Chemicals! Chemicals everywhere!
The latest article comment reading assignment in People and the Environment was the feature from the January-February 2002 issue of the Minnesota Conservation Volunteer, “Mixed Messages” by Mary Hoff.
The article details the increasing discovery of endocrine disruptorsin the environment and their relation to anomalies of nature. In particular, this article revealed the presence of vitellogenin, a protein female fish produce as part of egg-making, in Mississippi River malecarp and walleye. The fish tested were pulled from waters downstream of the Metropolitan Wastewater Treatment Plant effluent in St. Paul.
“Nobody blinked at the carp data, but when we found vitellogenin in male walleye, it was on the front page of the Star Tribune,” explains Leroy Folmar, the research physiologist with the U.S. Environmental Protection Agency who conducted the study highlighted by Hoff’s article.
Well, of course, a carp is – well – a carp, an overgrown minnow, a rough fish, a Eurasian invader introduced to North American waters by humans long ago. But the walleye is the Minnesota state fish, and, for its beauty and table fare, the prize catch and most sought after game fish in the land of 10,000 lakes.

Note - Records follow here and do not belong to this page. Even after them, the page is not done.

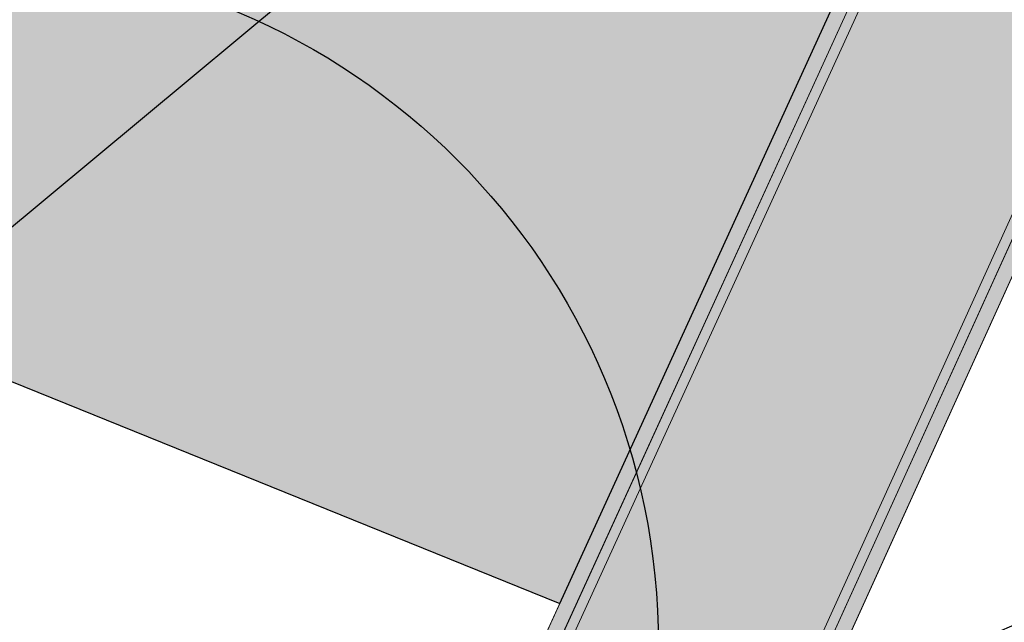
# Model space of a CAD drawing. Header units: metres. Extents: x 154038 to 155227, y 461678 to 462519.
# Tile 93 of 656: x 154391.82 to 154398.27, y 461946.85 to 461950.8. Entities that reach past the tile are written whole.
import ezdxf
from ezdxf import colors
from ezdxf.entities.mleader import LeaderData, LeaderLine
from ezdxf.math import Vec2, Vec3

# ---------------------------------------------------------------- set-up
doc = ezdxf.new("R2010")
doc.units = ezdxf.units.M
doc.linetypes.add('VH-OPSLUITBAND_100X200', pattern=[16, 8, -2, 4, -2])
for name, color, linetype, lineweight in [('B-GV-GR-BOOM-G', 82, 'Continuous', 25), ('B-GV-GR-BOOM-S', 3, 'Continuous', 25), ('B-WE-GR-BEPLANTING_CULTUUR_HEESTERS-G', 82, 'Continuous', 18), ('N-WE-VH-KANTOPSLUITING_OPSLUITBAND_100X200-G', 150, 'VH-OPSLUITBAND_100X200', 0), ('N-WE-VH-KANTVERHARDING_TROTTOIR-STREKLAAG-G', 220, 'Continuous', 18), ('N-WE-VH-VERHARDING_STRAATBAKSTEEN-TROTTOIR-HV_DF-G', 2, 'Continuous', 18)]:
    doc.layers.add(name, color=color, linetype=linetype, lineweight=lineweight)
doc.layers.add('N-GV-GR-GROENVOORZIENING_VastePlantvak_TuinVCampen-G', color=6, linetype='Continuous')
doc.layers.add('X-XX-AL-HULP-T', color=7, linetype='Continuous')
doc.layers.add('N-GV-GR-GROENVOORZIENING_VastePlantvak_TuinVCampen-V', color=7, linetype='Continuous', true_color=0xa8ad00)
for name, color, linetype, lineweight, true_color in [('N-WE-VH-KANTOPSLUITING_OPSLUITBAND_100X200-V', 7, 'Continuous', 5, 0xbbbcbc), ('N-WE-VH-VERHARDING_STRAATBAKSTEEN-TROTTOIR-HV_DF-V', 7, 'Continuous', 18, 0xd14124), ('N-WE-VH-VERHARDING_STRAATBAKSTEEN_Rijbaan-KV_DF-V', 7, 'Continuous', 18, 0xb33d26)]:
    doc.layers.add(name, color=color, linetype=linetype, lineweight=lineweight, true_color=true_color)
doc.styles.add('maatvoering', font='arial.ttf')

# ---------------------------------------------------------------- blocks, each defined once
blk = doc.blocks.new('*U339')
at = {"layer": 'B-GV-GR-BOOM-G', "color": 0}
blk.add_circle((-2.455635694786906e-11, 1.70530256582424e-11), 4.5, dxfattribs=at)
blk = doc.blocks.new('_Dot')
at = {"color": 0, "linetype": 'ByBlock', "lineweight": -2}
blk.add_line((-0.5, 0), (-1, 0), dxfattribs=at)
at = {"color": 0, "linetype": 'ByBlock', "const_width": 0.5}
blk.add_lwpolyline([(-0.25, 0, 1), (0.25, 0, 1)], format="xyb", close=True, dxfattribs=at)

msp = doc.modelspace()

# ---------------------------------------------------------------- hatches: boundary and pattern name
at = {"layer": 'N-GV-GR-GROENVOORZIENING_VastePlantvak_TuinVCampen-V'}
h = msp.add_hatch(color=256, dxfattribs=at)
h.dxf.hatch_style = 1
edge = h.paths.add_edge_path()
edge.add_arc((154369.2063068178, 461961.9427868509), 9.582668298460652, 357.8766984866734, 415.3759455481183)
edge.add_arc((154374.0828868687, 461969.0054465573), 0.9999999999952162, 55.37594554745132, 156.3826144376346)
edge.add_line((154373.1666456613, 461969.4060736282), (154373.0050097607, 461969.0364094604))
edge.add_line((154373.0050097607, 461969.0364094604), (154373.005009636, 461969.03640896))
edge.add_line((154373.005009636, 461969.03640896), (154369.3696253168, 461960.7222208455))
edge.add_line((154369.3696253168, 461960.7222208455), (154371.6295987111, 461959.6536344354))
edge.add_line((154371.6295987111, 461959.6536344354), (154370.4424676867, 461957.0581781))
edge.add_line((154370.4424676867, 461957.0581781), (154395.3533722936, 461946.9781146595))
edge.add_line((154395.3533722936, 461946.9781146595), (154397.2531623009, 461951.130752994))
edge.add_arc((154396.3438071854, 461951.5467737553), 1.000000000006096, 335.4163848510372, 445.7826976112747)
edge.add_arc((154399.1733647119, 461989.9193640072), 37.47677323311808, 252.58771763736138, 265.7826976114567, ccw=False)
edge.add_arc((154382.8754200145, 461937.9516014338), 16.98671314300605, 72.587717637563, 83.47997280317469)
edge.add_arc((154385.4971649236, 461961.507849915), 6.715244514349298, 179.318279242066, 264.0775423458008, ccw=False)
at = {"layer": 'N-WE-VH-KANTOPSLUITING_OPSLUITBAND_100X200-V'}
h = msp.add_hatch(color=256, dxfattribs=at)
h.dxf.hatch_style = 1
h.paths.add_polyline_path([(154385.6732379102, 461968.4648159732), (154385.5824796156, 461968.4216461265), (154388.9226929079, 461962.8995483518), (154389.0030639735, 461962.9598905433)], flags=16)
h.paths.add_polyline_path([(154385.9869151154, 461967.7530264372), (154385.3465546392, 461967.4703499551), (154384.6196481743, 461969.117045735), (154385.2469290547, 461969.393948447), (154385.2771989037, 461969.2980007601), (154384.7515149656, 461969.0659463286), (154385.3976540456, 461967.6022167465), (154385.9347298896, 461967.8392999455)], flags=16)
h.paths.add_polyline_path([(154389.1500343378, 461962.7639265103), (154389.0727946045, 461962.6996246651), (154393.7097377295, 461958.1441535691), (154393.7722321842, 461958.2229416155)], flags=16)
h.paths.add_polyline_path([(154389.6319371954, 461962.1503063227), (154389.0582930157, 461961.7196171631), (154387.9775607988, 461963.1590677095), (154388.5195669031, 461963.5660031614), (154388.5715831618, 461963.4800089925), (154388.1175709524, 461963.1391389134), (154389.0782218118, 461961.8596273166), (154389.5597897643, 461962.2211861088)], flags=16)
h.paths.add_polyline_path([(154394.5761131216, 461957.5927943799), (154394.1552379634, 461957.0452574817), (154392.7281280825, 461958.1422339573), (154393.1513090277, 461958.6927705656), (154393.2231707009, 461958.6221715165), (154392.8683551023, 461958.160574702), (154394.1368972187, 461957.1854845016), (154394.4897045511, 461957.6444686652)], flags=16)
edge = h.paths.add_edge_path(flags=16)
edge.add_line((154397.6176280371, 461951.9274170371), (154394.3881167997, 461944.8682199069))
edge.add_arc((154393.5696971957, 461945.242638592), 0.9000000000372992, 247.52719536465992, 335.4163848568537, ccw=False)
edge.add_line((154393.2256768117, 461944.4109836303), (154367.8323623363, 461954.9151208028))
edge.add_arc((154368.1763827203, 461955.7467757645), 0.8999999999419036, 156.3826138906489, 247.5271953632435, ccw=False)
edge.add_line((154367.3517656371, 461956.1073401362), (154367.6361601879, 461956.7577554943))
edge.add_line((154367.6361601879, 461956.7577554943), (154369.8304947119, 461955.720205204))
edge.add_line((154369.8304947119, 461955.720205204), (154371.6295987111, 461959.6536344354))
edge.add_line((154371.6295987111, 461959.6536344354), (154369.3696253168, 461960.7222208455))
edge.add_line((154369.3696253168, 461960.7222208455), (154373.005009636, 461969.03640896))
edge.add_line((154373.005009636, 461969.03640896), (154373.931200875, 461972.7531058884))
edge.add_arc((154374.8044937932, 461972.5354835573), 0.8999999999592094, 76.01560358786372, 166.0070448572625, ccw=False)
edge.add_line((154375.0219856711, 461973.4088089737), (154381.4254697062, 461971.8140932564))
edge.add_arc((154381.2079778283, 461970.94076784), 0.9000000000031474, 17.552977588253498, 76.01560358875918, ccw=False)
edge.add_line((154382.0660724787, 461971.2121965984), (154383.2412502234, 461967.4969906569))
edge.add_line((154383.2412502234, 461967.4969906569), (154387.0225955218, 461961.2394916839))
edge.add_line((154387.0225955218, 461961.2394916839), (154392.2567048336, 461956.0870379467))
edge.add_line((154392.2567048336, 461956.0870379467), (154397.2634011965, 461953.0728902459))
edge.add_arc((154396.7992084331, 461952.3018357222), 0.9000000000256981, -24.58361514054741, 58.951080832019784, ccw=False)
edge = h.paths.add_edge_path()
edge.add_line((154397.7085635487, 461951.8858149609), (154394.4790523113, 461944.8266178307))
edge.add_arc((154393.5696971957, 461945.2426385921), 1.000000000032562, 247.5271953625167, 335.4163848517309, ccw=False)
edge.add_line((154393.1874523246, 461944.3185775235), (154367.7941378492, 461954.8227146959))
edge.add_arc((154368.1763827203, 461955.7467757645), 0.99999999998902, 156.3826138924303, 247.527195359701, ccw=False)
edge.add_line((154367.2601415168, 461956.1474028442), (154367.5857974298, 461956.8921836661))
edge.add_line((154367.5857974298, 461956.8921836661), (154369.7816816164, 461955.8539006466))
edge.add_line((154369.7816816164, 461955.8539006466), (154371.4975900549, 461959.6054371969))
edge.add_line((154371.4975900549, 461959.6054371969), (154369.2391023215, 461960.6733211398))
edge.add_line((154369.2391023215, 461960.6733211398), (154372.9100127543, 461969.0687581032))
edge.add_line((154372.9100127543, 461969.0687581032), (154373.8341683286, 461972.7772861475))
edge.add_arc((154374.8044937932, 461972.5354835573), 1.000000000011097, 76.01560359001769, 166.0070448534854, ccw=False)
edge.add_line((154375.0461514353, 461973.5058451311), (154381.4496354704, 461971.9111294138))
edge.add_arc((154381.2079778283, 461970.94076784), 0.9999999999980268, 17.55297758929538, 76.01560359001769, ccw=False)
edge.add_line((154382.1614163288, 461971.2423553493), (154383.3330002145, 461967.5385110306))
edge.add_line((154383.3330002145, 461967.5385110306), (154387.101691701, 461961.3019520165))
edge.add_line((154387.101691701, 461961.3019520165), (154392.3184223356, 461956.1666058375))
edge.add_line((154392.3184223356, 461956.1666058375), (154397.3149781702, 461953.1585629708))
edge.add_arc((154396.7992084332, 461952.3018357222), 1.00000000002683, -24.583615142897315, 58.95108083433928, ccw=False)
h = msp.add_hatch(color=256, dxfattribs=at)
h.dxf.hatch_style = 1
edge = h.paths.add_edge_path()
edge.add_line((154430.1795332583, 461943.308848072), (154432.5954349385, 461942.4220864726))
edge.add_line((154432.5954349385, 461942.4220864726), (154431.5325012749, 461939.879660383))
edge.add_line((154431.5325012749, 461939.879660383), (154428.7488527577, 461934.1781577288))
edge.add_line((154428.7488527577, 461934.1781577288), (154428.062526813, 461932.3132444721))
edge.add_arc((154427.1240617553, 461932.6586186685), 1.000000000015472, 249.8438929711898, 339.79536022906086, ccw=False)
edge.add_line((154426.7794826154, 461931.7198613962), (154426.138542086, 461931.9551242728))
edge.add_line((154426.138542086, 461931.9551242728), (154415.1713354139, 461935.990790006))
edge.add_line((154415.1713354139, 461935.990790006), (154415.5542565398, 461937.021816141))
edge.add_line((154415.5542565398, 461937.021816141), (154415.8335424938, 461937.7729055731))
edge.add_line((154415.8335424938, 461937.7729055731), (154414.3259607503, 461938.4350560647))
edge.add_line((154414.3259607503, 461938.4350560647), (154413.6593419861, 461936.6215970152))
edge.add_line((154413.6593419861, 461936.6215970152), (154396.5685300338, 461942.9126283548))
edge.add_arc((154396.9139654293, 461943.8510708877), 0.9999999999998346, 155.5920889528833, 249.7916238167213, ccw=False)
edge.add_line((154396.0033388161, 461944.2643010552), (154399.114115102, 461951.1194532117))
edge.add_arc((154400.0247417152, 461950.7062230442), 1.000000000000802, 69.21785506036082, 155.5920889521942, ccw=False)
edge.add_line((154400.379557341, 461951.641159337), (154401.9759706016, 461951.0353080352))
edge.add_line((154401.9759706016, 461951.0353080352), (154401.940489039, 461950.9418144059))
edge.add_line((154401.940489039, 461950.9418144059), (154400.3440757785, 461951.5476657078))
edge.add_arc((154400.0247417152, 461950.7062230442), 0.9000000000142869, 69.21785506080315, 155.5920889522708)
edge.add_line((154399.2051777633, 461951.0781301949), (154396.0944014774, 461944.2229780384))
edge.add_arc((154396.9139654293, 461943.8510708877), 0.9000000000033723, 155.5920889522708, 249.7916238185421)
edge.add_line((154396.6030735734, 461943.0064726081), (154413.6000000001, 461936.7500000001))
edge.add_line((154413.6000000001, 461936.7500000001), (154414.268796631, 461938.5693836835))
edge.add_line((154414.268796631, 461938.5693836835), (154415.9601649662, 461937.8265116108))
edge.add_line((154415.9601649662, 461937.8265116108), (154415.648, 461936.987))
edge.add_line((154415.648, 461936.987), (154415.3000000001, 461936.0500000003))
edge.add_line((154415.3000000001, 461936.0500000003), (154426.173, 461932.049))
edge.add_line((154426.173, 461932.049), (154426.8139405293, 461931.8137371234))
edge.add_arc((154427.1240617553, 461932.6586186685), 0.8999999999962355, 249.8438929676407, 339.7953602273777)
edge.add_line((154427.9686803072, 461932.3477818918), (154428.6567614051, 461934.2174643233))
edge.add_line((154428.6567614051, 461934.2174643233), (154431.4413625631, 461939.9209181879))
edge.add_line((154431.4413625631, 461939.9209181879), (154432.4628569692, 461942.3642259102))
edge.add_line((154432.4628569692, 461942.3642259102), (154430.1450759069, 461943.2149721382))
edge.add_line((154430.1450759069, 461943.2149721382), (154430.1795332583, 461943.308848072))
at = {"layer": 'N-WE-VH-VERHARDING_STRAATBAKSTEEN-TROTTOIR-HV_DF-V'}
h = msp.add_hatch(color=256, dxfattribs=at)
h.dxf.hatch_style = 1
edge = h.paths.add_edge_path()
edge.add_arc((154400.0247417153, 461950.7062230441), 1.000000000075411, 69.21785508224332, 155.5920889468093, ccw=False)
edge.add_line((154400.3795573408, 461951.6411593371), (154397.3149781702, 461953.1585629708))
edge.add_arc((154396.7992084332, 461952.3018357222), 1.00000000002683, -24.583615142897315, 58.95108083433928, ccw=False)
edge.add_line((154397.7085635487, 461951.8858149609), (154394.4790523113, 461944.8266178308))
edge.add_arc((154393.5677729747, 461945.2448351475), 1.00266432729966, 244.5315846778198, 335.347987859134, ccw=False)
edge.add_line((154393.1366138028, 461944.3396072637), (154396.5685300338, 461942.9126283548))
edge.add_arc((154396.9160448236, 461943.8532424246), 1.002756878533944, 152.1962858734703, 249.72298553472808, ccw=False)
edge.add_line((154396.0290554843, 461944.3209723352), (154399.114115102, 461951.1194532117))
at = {"layer": 'N-WE-VH-VERHARDING_STRAATBAKSTEEN_Rijbaan-KV_DF-V'}
h = msp.add_hatch(color=256, dxfattribs=at)
h.dxf.hatch_style = 1
edge = h.paths.add_edge_path()
edge.add_line((154346.3655189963, 462123.4474894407), (154339.6690574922, 462103.1804047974))
edge.add_line((154339.6690574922, 462103.1804047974), (154331.5193567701, 462083.4356807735))
edge.add_line((154331.5193567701, 462083.4356807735), (154321.8864262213, 462064.3270959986))
edge.add_line((154321.8864262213, 462064.3270959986), (154319.064452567, 462059.5558212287))
edge.add_line((154319.064452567, 462059.5558212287), (154316.2103360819, 462061.243890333))
edge.add_arc((154313.6649621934, 462056.9402788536), 4.999999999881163, 59.39777921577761, 149.4251789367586)
edge.add_line((154309.3601339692, 462059.4835943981), (154295.4018813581, 462035.8577883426))
edge.add_arc((154299.7067095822, 462033.3144727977), 4.999999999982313, 149.425178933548, 239.2784399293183)
edge.add_line((154297.1523773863, 462029.0161723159), (154310.3450331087, 462021.1762305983))
edge.add_arc((154317.2452423, 462033.549449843), 14.16719595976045, 240.8527758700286, 248.9522969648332)
edge.add_line((154312.1571632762, 462020.327464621), (154334.4042784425, 462011.1510402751))
edge.add_arc((154336.3108423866, 462015.7732706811), 4.999999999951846, 247.5849764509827, 256.0899883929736)
edge.add_line((154335.1088540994, 462010.9198982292), (154350.5998025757, 462007.0834033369))
edge.add_arc((154349.3978142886, 462002.2300308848), 5.000000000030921, 59.37977109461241, 76.0899883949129, ccw=False)
edge.add_line((154351.944540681, 462006.5328421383), (154352.6260687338, 462006.1294627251))
edge.add_arc((154355.1727951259, 462010.4322739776), 4.999999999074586, 239.3797710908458, 256.0899883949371)
edge.add_line((154353.9708068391, 462005.5789015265), (154356.9781779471, 462004.8340984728))
edge.add_line((154356.9781779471, 462004.8340984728), (154367.5271780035, 462002.1693614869))
edge.add_line((154367.5271780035, 462002.1693614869), (154370.594703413, 462001.3944872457))
edge.add_arc((154371.8192663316, 462006.2422130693), 5.000000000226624, 255.8233322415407, 334.7988763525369)
edge.add_line((154376.3433598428, 462004.1132278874), (154378.3551998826, 462008.3883879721))
edge.add_arc((154373.8311063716, 462010.5173731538), 5.000000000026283, 334.7988763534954, 345.8749618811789)
edge.add_line((154378.6799336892, 462009.2971790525), (154401.6515090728, 462100.5820018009))
edge.add_line((154401.6515090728, 462100.5820018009), (154406.9852191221, 462099.2397882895))
edge.add_line((154406.9852191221, 462099.2397882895), (154397.3315953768, 462060.8780600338))
edge.add_line((154397.3315953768, 462060.8780600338), (154396.6527595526, 462061.0488872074))
edge.add_line((154396.6527595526, 462061.0488872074), (154394.6715745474, 462053.1760217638))
edge.add_line((154394.6715745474, 462053.1760217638), (154395.3511736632, 462053.0050023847))
edge.add_line((154395.3511736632, 462053.0050023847), (154390.2256132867, 462032.6401919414))
edge.add_line((154390.2256132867, 462032.6401919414), (154389.5467596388, 462032.8109482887))
edge.add_line((154389.5467596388, 462032.8109482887), (154388.7372010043, 462029.5939109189))
edge.add_line((154388.7372010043, 462029.5939109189), (154389.4156288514, 462029.4214625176))
edge.add_line((154389.4156288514, 462029.4214625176), (154383.7651946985, 462006.9676746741))
edge.add_line((154383.7651946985, 462006.9676746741), (154376.807218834, 461992.1819759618))
edge.add_arc((154381.331312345, 461990.0529907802), 4.999999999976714, 154.7988763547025, 166.0156035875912)
edge.add_line((154376.4795044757, 461991.2612789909), (154371.1051861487, 461969.68365288))
edge.add_line((154371.1051861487, 461969.68365288), (154363.8723419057, 461953.1420104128))
edge.add_arc((154368.4536651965, 461951.1389210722), 5.000088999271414, 156.3836358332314, 248.3411709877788)
edge.add_line((154366.60823727, 461946.491848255), (154366.6592998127, 461946.4715747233))
edge.add_line((154366.6592998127, 461946.4715747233), (154352.2416857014, 461952.1958481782))
edge.add_arc((154354.0386536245, 461956.8622859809), 5.000473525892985, 248.939130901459, 336.380420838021)
edge.add_line((154358.6202168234, 461954.8587855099), (154365.8806715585, 461971.4635736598))
edge.add_line((154365.8806715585, 461971.4635736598), (154371.1315098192, 461992.5091953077))
edge.add_arc((154366.27970195, 461993.7174835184), 4.999999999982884, 346.0156035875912, 435.8233322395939)
edge.add_line((154367.5042648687, 461998.5652093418), (154356.1296396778, 462001.438503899))
edge.add_line((154356.1296396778, 462001.438503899), (154353.1565705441, 462002.1748154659))
edge.add_arc((154351.9545822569, 461997.321443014), 4.99999999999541, 76.08998839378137, 92.77818827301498)
edge.add_line((154351.7122345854, 462002.315566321), (154350.8803402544, 462002.2858641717))
edge.add_arc((154350.6379925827, 462007.2799874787), 4.999999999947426, 256.0899883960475, 272.778188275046, ccw=False)
edge.add_line((154349.4360042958, 462002.4266150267), (154337.7325265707, 462005.3251033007))
edge.add_arc((154337.2517312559, 462003.38375432), 1.999999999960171, 76.08998839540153, 165.7499673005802)
edge.add_line((154335.3132697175, 462003.8760620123), (154335.1888994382, 462003.3863540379))
edge.add_line((154335.1888994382, 462003.3863540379), (154331.809089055, 462004.2350527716))
edge.add_line((154331.809089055, 462004.2350527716), (154332.0188515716, 462005.1214022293))
edge.add_arc((154330.0726110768, 462005.5819974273), 1.999999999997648, 346.6854067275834, 427.584976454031)
edge.add_line((154330.8352366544, 462007.4308895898), (154310.3759552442, 462015.8698735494))
edge.add_arc((154317.2452423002, 462033.5494498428), 18.96719595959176, 240.6390520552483, 248.76667882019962, ccw=False)
edge.add_line((154307.9454396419, 462017.0186243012), (154294.2962136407, 462025.129890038))
edge.add_arc((154292.7636143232, 462022.5509097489), 2.999999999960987, 59.27843992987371, 165.8531268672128)
edge.add_line((154289.8545971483, 462023.2841348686), (154287.8359008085, 462015.2751044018))
edge.add_line((154287.8359008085, 462015.2751044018), (154283.8632318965, 462016.2799413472))
edge.add_line((154283.8632318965, 462016.2799413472), (154284.9895646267, 462020.85211158))
edge.add_line((154284.9895646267, 462020.85211158), (154281.4008986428, 462022.9723146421))
edge.add_line((154281.4008986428, 462022.9723146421), (154304.5232118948, 462062.1092541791))
edge.add_arc((154313.1334630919, 462057.0210789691), 10.00129754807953, 72.70910643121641, 149.419295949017, ccw=False)
edge.add_arc((154316.7007223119, 462068.4799534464), 2.000000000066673, 252.7032232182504, 333.2466271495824)
edge.add_line((154318.4866272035, 462067.5796514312), (154327.4245828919, 462085.3096333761))
edge.add_line((154327.4245828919, 462085.3096333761), (154335.4473333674, 462104.7467881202))
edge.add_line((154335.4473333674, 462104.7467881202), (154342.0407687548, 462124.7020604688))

The extent of the affects, the damages to the global ecosystem, of endocrine disruptors are largely unknown, but increased studies are producing more prevalent evidence. The process of recovery is slow because of the daunting task of identifying the vast array of individual chemical culprits and the equally vast array of abnormalities they produce. Then there is the “harmless” chemicals that bond with other seemingly harmless chemicals to form yet another endocrine disruptor.
A web search turned up a 2005 Institute for Environment and Health compilation of published lists of Chemicals Purported to be Endocrine Disruptors – it’s 91 pages long!
What are we putting into our environment? Why are we only concerned to a sense of urgency when it threatens human life or a desirable part of human life, if at all? Our environment is trying to tell us something – we’re poisoning our Earth.